Marc Thiessen is here along with Richard Fowler, let's pick it up there. Because Marc you feel as the Governor does. Pick up that point about whether -- even if you believe as lieutenant governor does, the point is, does the Obama administration have the authority to do this?
MARC THIESSEN, FOX NEWS CONTRIBUTOR: I don't think they do. I mean, this is a completely lawless action. And this is just like their executive action on illegal immigration. There's been no act of Congress that authorizes this. There's been no Supreme Court decision, there's been no regulatory process where people could comment. They simply issued an edict in the middle of the night informing school districts across the country and public universities that you have to follow this policy or we are going to financially withhold --
KELLY: I thought it was guidance.
THIESSEN: It's guidance but it says that you can lose millions of dollars in federal funding which by the way goes for poor children and disabled children for the most part.
KELLY: Yes.
THIESSEN: And they are threatening the school districts. If you don't comply, then they have to do it. This is what the Obama administration does. When they want to make a big social -- I think we can all agree, this is a big change in society. When you want to make that change, instead of going out and trying to find consensus and make their case to the American people, they go out and issue an executive order and then find some law that they can reinterpret in order to justify.
KELLY: Rather than bringing the people along.
THIESSEN: Instead of doing the Democratic process. Exactly.
KELLY: Although Richard, they have not been getting a lot of success in getting buy in. Go ahead.

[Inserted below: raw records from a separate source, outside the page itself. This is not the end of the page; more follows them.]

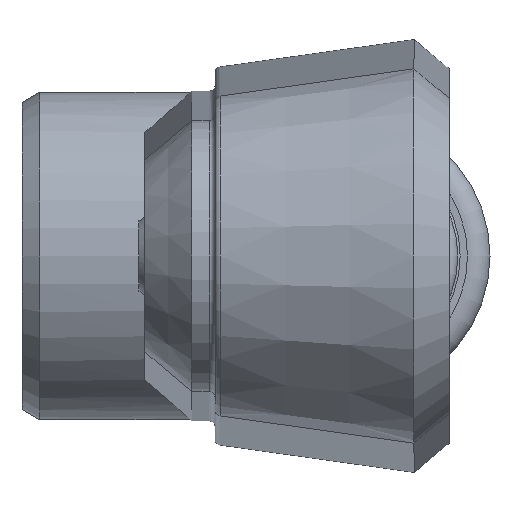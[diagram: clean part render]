
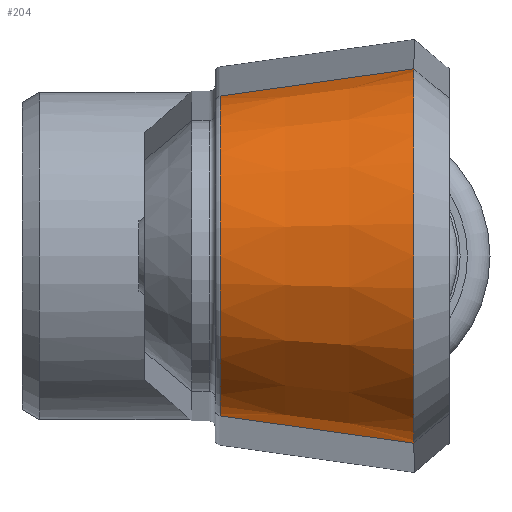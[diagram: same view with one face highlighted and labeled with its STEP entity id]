
A CAD part, front view. The second image highlights one B-rep face of the part: STEP entity #204.
In plain terms, the highlighted conical face has half-angle 8 degrees and reference radius 16 mm.
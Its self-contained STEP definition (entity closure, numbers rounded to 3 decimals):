
#204 = ADVANCED_FACE( '', ( #344 ), #345, .T. );
#344 = FACE_OUTER_BOUND( '', #611, .T. );
#345 = CONICAL_SURFACE( '', #612, 16., 0.14 );
#611 = EDGE_LOOP( '', ( #1004, #1005, #1006, #1007 ) );
#612 = AXIS2_PLACEMENT_3D( '', #1008, #1009, #1010 );
#1004 = ORIENTED_EDGE( '', *, *, #1520, .F. );
#1005 = ORIENTED_EDGE( '', *, *, #1503, .F. );
#1006 = ORIENTED_EDGE( '', *, *, #1521, .T. );
#1007 = ORIENTED_EDGE( '', *, *, #1517, .T. );
#1008 = CARTESIAN_POINT( '', ( 17.797, -125., 0. ) );
#1009 = DIRECTION( '', ( 1., 0., 0. ) );
#1010 = DIRECTION( '', ( 0., 0., -1. ) );
#1503 = EDGE_CURVE( '', #1779, #1781, #1782, .T. );
#1517 = EDGE_CURVE( '', #1790, #1805, #1807, .T. );
#1520 = EDGE_CURVE( '', #1781, #1805, #1810, .T. );
#1521 = EDGE_CURVE( '', #1779, #1790, #1811, .T. );
#1779 = VERTEX_POINT( '', #2242 );
#1781 = VERTEX_POINT( '', #2245 );
#1782 = B_SPLINE_CURVE_WITH_KNOTS( '', 3, ( #2246, #2247, #2248, #2249 ), .UNSPECIFIED., .F., .F., ( 4, 4 ), ( 0., 0.804 ), .UNSPECIFIED. );
#1790 = VERTEX_POINT( '', #2271 );
#1805 = VERTEX_POINT( '', #2310 );
#1807 = B_SPLINE_CURVE_WITH_KNOTS( '', 3, ( #2315, #2316, #2317, #2318 ), .UNSPECIFIED., .F., .F., ( 4, 4 ), ( 0., 1. ), .UNSPECIFIED. );
#1810 = CIRCLE( '', #2321, 13.672 );
#1811 = CIRCLE( '', #2322, 16. );
#2242 = CARTESIAN_POINT( '', ( 17.797, -125., -16. ) );
#2245 = CARTESIAN_POINT( '', ( 1.23, -125., -13.672 ) );
#2246 = CARTESIAN_POINT( '', ( 17.797, -125., -16. ) );
#2247 = CARTESIAN_POINT( '', ( 12.275, -125., -15.224 ) );
#2248 = CARTESIAN_POINT( '', ( 6.755, -125., -14.448 ) );
#2249 = CARTESIAN_POINT( '', ( 1.23, -125., -13.672 ) );
#2271 = CARTESIAN_POINT( '', ( 17.797, -125., 16. ) );
#2310 = CARTESIAN_POINT( '', ( 1.23, -125., 13.672 ) );
#2315 = CARTESIAN_POINT( '', ( 17.797, -125., 16. ) );
#2316 = CARTESIAN_POINT( '', ( 12.275, -125., 15.224 ) );
#2317 = CARTESIAN_POINT( '', ( 6.753, -125., 14.448 ) );
#2318 = CARTESIAN_POINT( '', ( 1.23, -125., 13.672 ) );
#2321 = AXIS2_PLACEMENT_3D( '', #2658, #2659, #2660 );
#2322 = AXIS2_PLACEMENT_3D( '', #2661, #2662, #2663 );
#2658 = CARTESIAN_POINT( '', ( 1.23, -125., 0. ) );
#2659 = DIRECTION( '', ( -1., 0., 0. ) );
#2660 = DIRECTION( '', ( 0., 0., 1. ) );
#2661 = CARTESIAN_POINT( '', ( 17.797, -125., 0. ) );
#2662 = DIRECTION( '', ( -1., 0., 0. ) );
#2663 = DIRECTION( '', ( 0., 0., 1. ) );
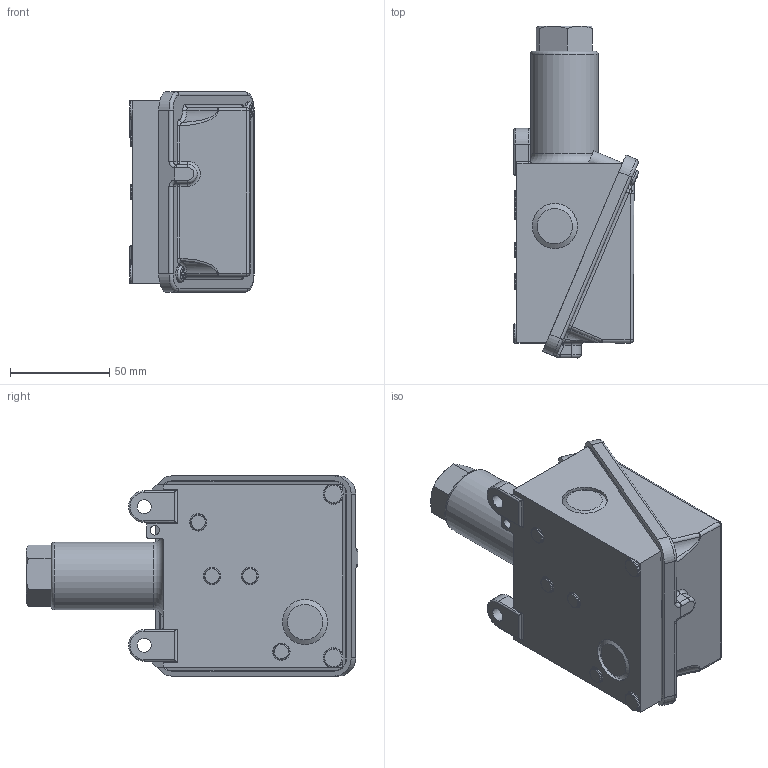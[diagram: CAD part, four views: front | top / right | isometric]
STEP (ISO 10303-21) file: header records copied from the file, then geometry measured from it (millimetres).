
FILE_DESCRIPTION (( 'STEP AP214' ), '1' );
FILE_NAME ('H100-701_706_V4.STEP', '2025-02-28T14:58:55', ( '' ), ( '' ), 'SwSTEP 2.0', 'SolidWorks 2023', '' );
FILE_SCHEMA (( 'AUTOMOTIVE_DESIGN' ));
Length unit declared in the file: inch
Products named in the file (1): H100-701_706_V4
Bounding box: 62.62 x 167.16 x 100.84 mm (x, y, z)
Surface area: 55420.8 mm2 (no closed solid volume)
Topology: 0 solids, 6 shells, 251 faces, 620 edges, 376 vertices
Faces by surface type: cylinder 86, plane 84, torus 42, bspline 16, cone 13, sphere 10
Full cylindrical faces by diameter (mm): 1.321 x2, 3.797 x1, 4.763 x1, 7.112 x2, 7.937 x2, 7.938 x2, 8.179 x2, 9.525 x2, 22.733 x2, 34.131 x1
Entity records: 7748 total; most frequent: CARTESIAN_POINT 2093, DIRECTION 1228, ORIENTED_EDGE 1072, EDGE_CURVE 571, AXIS2_PLACEMENT_3D 498, VERTEX_POINT 371, EDGE_LOOP 317, FACE_OUTER_BOUND 284
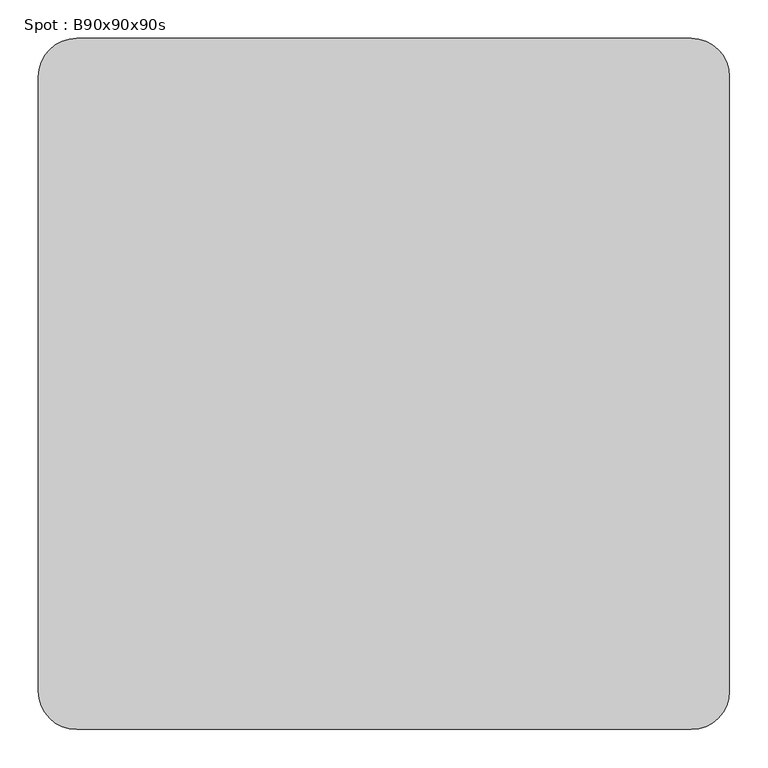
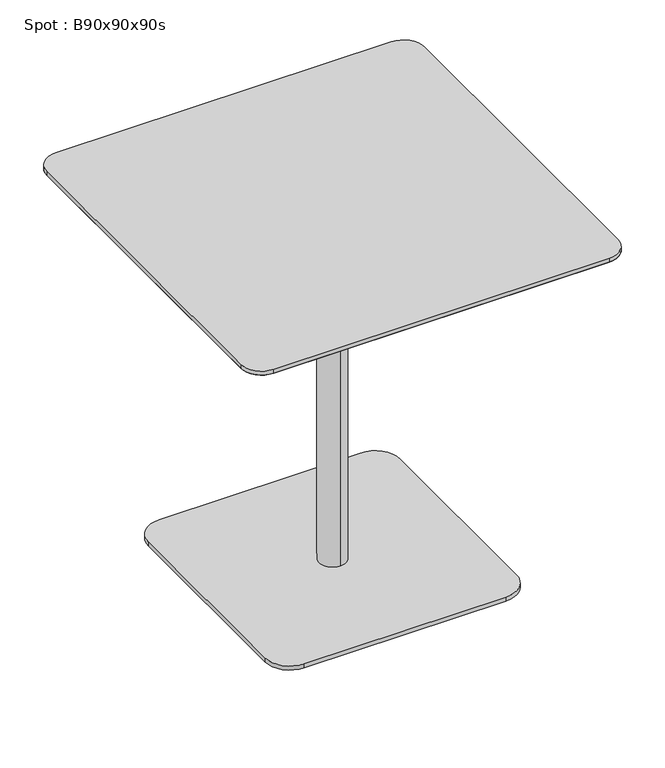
"""IFC4 building model written with IfcOpenShell, lengths in millimetres: furniture geometry, Spot : B90x90x90s."""

from ifc_helpers import new_model, si_unit, point, frame, frame_2d, origin, origin_with_axes, place, context, project, spatial, polyline, circle_curve, trimmed, segment, composite_curve, outline, extrude, source, transform, mapped, element, save
from ifc_brep_helpers import plane_surface, cylinder_surface, revolved_surface, advanced_brep


def spot_b90x90x90s_26c511ba(model_context):
    return source(origin(), model_context, "Body", "SolidModel", [
        advanced_brep(
        [(-400.0, -400.0, 878.0), (-400.0, 400.0, 878.0), (400.0, 400.0, 878.0), (400.0, -400.0, 878.0), (-450.0, -400.0, 890.0), (-400.0, -450.0, 890.0), (400.0, -450.0, 890.0), (450.0, -400.0, 890.0), (450.0, 400.0, 890.0), (400.0, 450.0, 890.0), (-400.0, 450.0, 890.0), (-450.0, 400.0, 890.0)],
        [
            (0, 1),
            (1, 2),
            (2, 3),
            (3, 0),
            (4, 5, circle_curve(frame((-400.0, -400.0, 890.0), z_axis=(0.0, 0.0, 1.0), x_axis=(0.0, -1.0, 0.0)), 50.0)),
            (5, 6),
            (6, 7, circle_curve(frame((400.0, -400.0, 890.0), z_axis=(0.0, 0.0, 1.0), x_axis=(1.0, 0.0, 0.0)), 50.0)),
            (7, 8),
            (8, 9, circle_curve(frame((400.0, 400.0, 890.0), z_axis=(0.0, 0.0, 1.0), x_axis=(0.0, 1.0, 0.0)), 50.0)),
            (9, 10),
            (10, 11, circle_curve(frame((-400.0, 400.0, 890.0), z_axis=(0.0, 0.0, 1.0), x_axis=(-1.0, 0.0, 0.0)), 50.0)),
            (11, 4),
            (4, 0),
            (0, 5),
            (3, 6),
            (3, 7),
            (2, 8),
            (2, 9),
            (1, 10),
            (1, 11),
        ],
        [
            plane_surface(frame((0.0, 0.0, 878.0), z_axis=(0.0, 0.0, -1.0), x_axis=(-1.0, 0.0, 0.0))),
            plane_surface(frame((0.0, 0.0, 890.0), z_axis=(0.0, 0.0, 1.0), x_axis=(-1.0, 0.0, 0.0))),
            revolved_surface(polyline([(-400.0, -400.0, 878.0), (-400.0, -450.0, 890.0)]), (-400.0, -400.0, 878.0), (0.0, 0.0, 1.0)),
            plane_surface(frame((0.0, -450.0, 890.0), z_axis=(0.0, -0.23337295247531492, -0.9723873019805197), x_axis=(-1.0, 0.0, 0.0))),
            revolved_surface(polyline([(400.0, -400.0, 878.0), (450.0, -400.0, 890.0)]), (400.0, -400.0, 878.0), (0.0, 0.0, 1.0)),
            plane_surface(frame((450.0, 0.0, 890.0), z_axis=(0.23337295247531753, 0.0, -0.9723873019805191), x_axis=(0.0, -1.0, 0.0))),
            revolved_surface(polyline([(400.0, 400.0, 878.0), (400.0, 450.0, 890.0)]), (400.0, 400.0, 878.0), (0.0, 0.0, 1.0)),
            plane_surface(frame((0.0, 450.0, 890.0), z_axis=(0.0, 0.2333729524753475, -0.9723873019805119), x_axis=(1.0, 0.0, 0.0))),
            revolved_surface(polyline([(-400.0, 400.0, 878.0), (-450.0, 400.0, 890.0)]), (-400.0, 400.0, 878.0), (0.0, 0.0, 1.0)),
            plane_surface(frame((-450.0, 0.0, 890.0), z_axis=(-0.2333729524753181, 0.0, -0.9723873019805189), x_axis=(0.0, 1.0, 0.0))),
        ],
        [
            (0, [[1, 2, 3, 4]]),
            (1, [[5, 6, 7, 8, 9, 10, 11, 12]]),
            (2, [[-5, 13, 14]]),
            (3, [[-6, -14, -4, 15]]),
            (4, [[-7, -15, 16]]),
            (5, [[-8, -16, -3, 17]]),
            (6, [[-9, -17, 18]]),
            (7, [[-10, -18, -2, 19]]),
            (8, [[-11, -19, 20]]),
            (9, [[-12, -20, -1, -13]]),
        ],
    ),
        extrude(outline(composite_curve([segment(trimmed(circle_curve(frame_2d((400.0, 400.0)), 50.0), [point((400.0, 450.0))], [point((450.0, 400.0))], False, "CARTESIAN"), True, "CONTINUOUS"), segment(polyline([(450.0, 400.0), (450.0, -400.0)]), True, "CONTINUOUS"), segment(trimmed(circle_curve(frame_2d((400.0, -400.0)), 50.0), [point((450.0, -400.0))], [point((400.0, -450.0))], False, "CARTESIAN"), True, "CONTINUOUS"), segment(polyline([(400.0, -450.0), (-400.0, -450.0)]), True, "CONTINUOUS"), segment(trimmed(circle_curve(frame_2d((-400.0, -400.0)), 50.0), [point((-400.0, -450.0))], [point((-450.0, -400.0))], False, "CARTESIAN"), True, "CONTINUOUS"), segment(polyline([(-450.0, -400.0), (-450.0, 400.0)]), True, "CONTINUOUS"), segment(trimmed(circle_curve(frame_2d((-400.0, 400.0)), 50.0), [point((-450.0, 400.0))], [point((-400.0, 450.0))], False, "CARTESIAN"), True, "CONTINUOUS"), segment(polyline([(-400.0, 450.0), (400.0, 450.0)]), True, "CONTINUOUS")], self_intersect=False)), frame((0.0, 0.0, 890.0), z_axis=(0.0, 0.0, 1.0), x_axis=(1.0, 0.0, 0.0)), (0.0, 0.0, 1.0), 10.0),
        extrude(outline(composite_curve([segment(trimmed(circle_curve(frame_2d((240.0, 240.0)), 60.0), [point((240.0, 300.0))], [point((300.0, 240.0))], False, "CARTESIAN"), True, "CONTINUOUS"), segment(polyline([(300.0, 240.0), (300.0, -240.0)]), True, "CONTINUOUS"), segment(trimmed(circle_curve(frame_2d((240.0, -240.0)), 60.0), [point((300.0, -240.0))], [point((240.0, -300.0))], False, "CARTESIAN"), True, "CONTINUOUS"), segment(polyline([(240.0, -300.0), (-240.0, -300.0)]), True, "CONTINUOUS"), segment(trimmed(circle_curve(frame_2d((-240.0, -240.0)), 60.0), [point((-240.0, -300.0))], [point((-300.0, -240.0))], False, "CARTESIAN"), True, "CONTINUOUS"), segment(polyline([(-300.0, -240.0), (-300.0, 240.0)]), True, "CONTINUOUS"), segment(trimmed(circle_curve(frame_2d((-240.0, 240.0)), 60.0), [point((-300.0, 240.0))], [point((-240.0, 300.0))], False, "CARTESIAN"), True, "CONTINUOUS"), segment(polyline([(-240.0, 300.0), (240.0, 300.0)]), True, "CONTINUOUS")], self_intersect=False)), origin_with_axes(), (0.0, 0.0, 1.0), 10.0),
        advanced_brep(
        [(0.0, 32.0, 10.0), (0.0, -32.0, 10.0), (0.0, -32.0, 847.406916), (0.0, 32.0, 847.406916), (0.0, 0.0, 10.0), (0.0, 150.0, 878.0), (0.0, -150.0, 878.0), (0.0, 0.0, 878.0), (0.0, 150.0, 866.7213673), (0.0, -150.0, 866.7213673)],
        [
            (0, 1, circle_curve(frame((0.0, 0.0, 10.0), z_axis=(0.0, 0.0, 1.0), x_axis=(0.0, -1.0, 0.0)), 32.0)),
            (1, 2),
            (2, 3, circle_curve(frame((0.0, 0.0, 847.406916), z_axis=(0.0, 0.0, -1.0), x_axis=(0.0, -1.0, 0.0)), 32.0)),
            (3, 0),
            (1, 0, circle_curve(frame((0.0, 0.0, 10.0), z_axis=(0.0, 0.0, 1.0), x_axis=(0.0, -1.0, 0.0)), 32.0)),
            (3, 2, circle_curve(frame((0.0, 0.0, 847.406916), z_axis=(0.0, 0.0, -1.0), x_axis=(0.0, -1.0, 0.0)), 32.0)),
            (4, 1),
            (0, 4),
            (5, 6, circle_curve(frame((0.0, 0.0, 878.0), z_axis=(0.0, 0.0, 1.0), x_axis=(0.0, -1.0, 0.0)), 150.0)),
            (6, 7),
            (7, 5),
            (6, 5, circle_curve(frame((0.0, 0.0, 878.0), z_axis=(0.0, 0.0, 1.0), x_axis=(0.0, -1.0, 0.0)), 150.0)),
            (8, 9, circle_curve(frame((0.0, 0.0, 866.7213673), z_axis=(0.0, 0.0, 1.0), x_axis=(0.0, -1.0, 0.0)), 150.0)),
            (9, 6),
            (5, 8),
            (9, 8, circle_curve(frame((0.0, 0.0, 866.7213673), z_axis=(0.0, 0.0, 1.0), x_axis=(0.0, -1.0, 0.0)), 150.0)),
            (2, 9),
            (8, 3),
        ],
        [
            cylinder_surface(frame((0.0, 0.0, 1240.0), z_axis=(0.0, 0.0, -1.0), x_axis=(0.0, -1.0, 0.0)), 32.0),
            plane_surface(frame((0.0, 0.0, 10.0), z_axis=(0.0, 0.0, -1.0), x_axis=(0.0, -1.0, 0.0))),
            plane_surface(frame((0.0, 0.0, 878.0), z_axis=(0.0, 0.0, 1.0), x_axis=(0.0, -1.0, 0.0))),
            cylinder_surface(frame((0.0, 0.0, 1240.0), z_axis=(0.0, 0.0, -1.0), x_axis=(0.0, -1.0, 0.0)), 150.0),
            revolved_surface(polyline([(0.0, -150.0, 866.7213673), (0.0, -32.0, 847.406916)]), (0.0, 0.0, 1240.0), (0.0, 0.0, -1.0)),
        ],
        [
            (0, [[1, 2, 3, 4]]),
            (0, [[5, -4, 6, -2]]),
            (1, [[7, -1, 8]]),
            (1, [[-8, -5, -7]]),
            (2, [[9, 10, 11]]),
            (2, [[12, -11, -10]]),
            (3, [[13, 14, -9, 15]]),
            (3, [[16, -15, -12, -14]]),
            (4, [[-3, 17, -13, 18]]),
            (4, [[-6, -18, -16, -17]]),
        ],
    ),
        extrude(outline(polyline([(0.0, 0.0), (-20.0, 0.0), (-20.0, 20.0), (0.0, 20.0), (0.0, 0.0)])), origin_with_axes(), (0.0, 0.0, 1.0), 10.0),
    ])


if __name__ == "__main__":
    model = new_model("IFC4")
    model_context = context("Model", 3, world=origin())
    ifc_project = project(units=[si_unit("LENGTHUNIT", "METRE", prefix="MILLI")], contexts=[model_context])
    site = spatial("IfcSite", under=ifc_project)
    building = spatial("IfcBuilding", under=site)
    placement = place(None, origin())
    spot_b90x90x90s_shape = spot_b90x90x90s_26c511ba(model_context)
    element("IfcFurniture", 1, ObjectType="Spot : B90x90x90s", at=placement, inside=building, context=model_context, shape_type="MappedRepresentation", body=[
        mapped(spot_b90x90x90s_shape, transform((0.0, 0.0, 0.0), x_axis=(1.0, 0.0, 0.0), y_axis=(0.0, 1.0, 0.0), z_axis=(0.0, 0.0, 1.0))),
    ])
    save(model, "model.ifc")

RICHARD FOWLER, NATIONALLY SYNDICATED RADIO HOST: Well, here's the thing, Megyn. The federal government has the ability to release guidance. They do it all the time. What is problematic with both Marc's argument and the Governor's argument is the idea of, you know, they can't do this, this is wrong for society, but they are forgetting that these are children, too. These are people's kids who happen to be transgendered. And all they want to do is pee? And the fact that we won't let them pee in the bathroom that they identify is downright sad and despicable in America.
KELLY: You know the argument against it, Richard. The argument against that is, okay, but the children who are used to just identifying -- who are just seeing other, you know, little girls have you, with a, you know, a girl's body will be in the Lieutenant Governor's opinion traumatized by the sight of a child that has a boy's anatomy but identifies as girl coming into the locker room.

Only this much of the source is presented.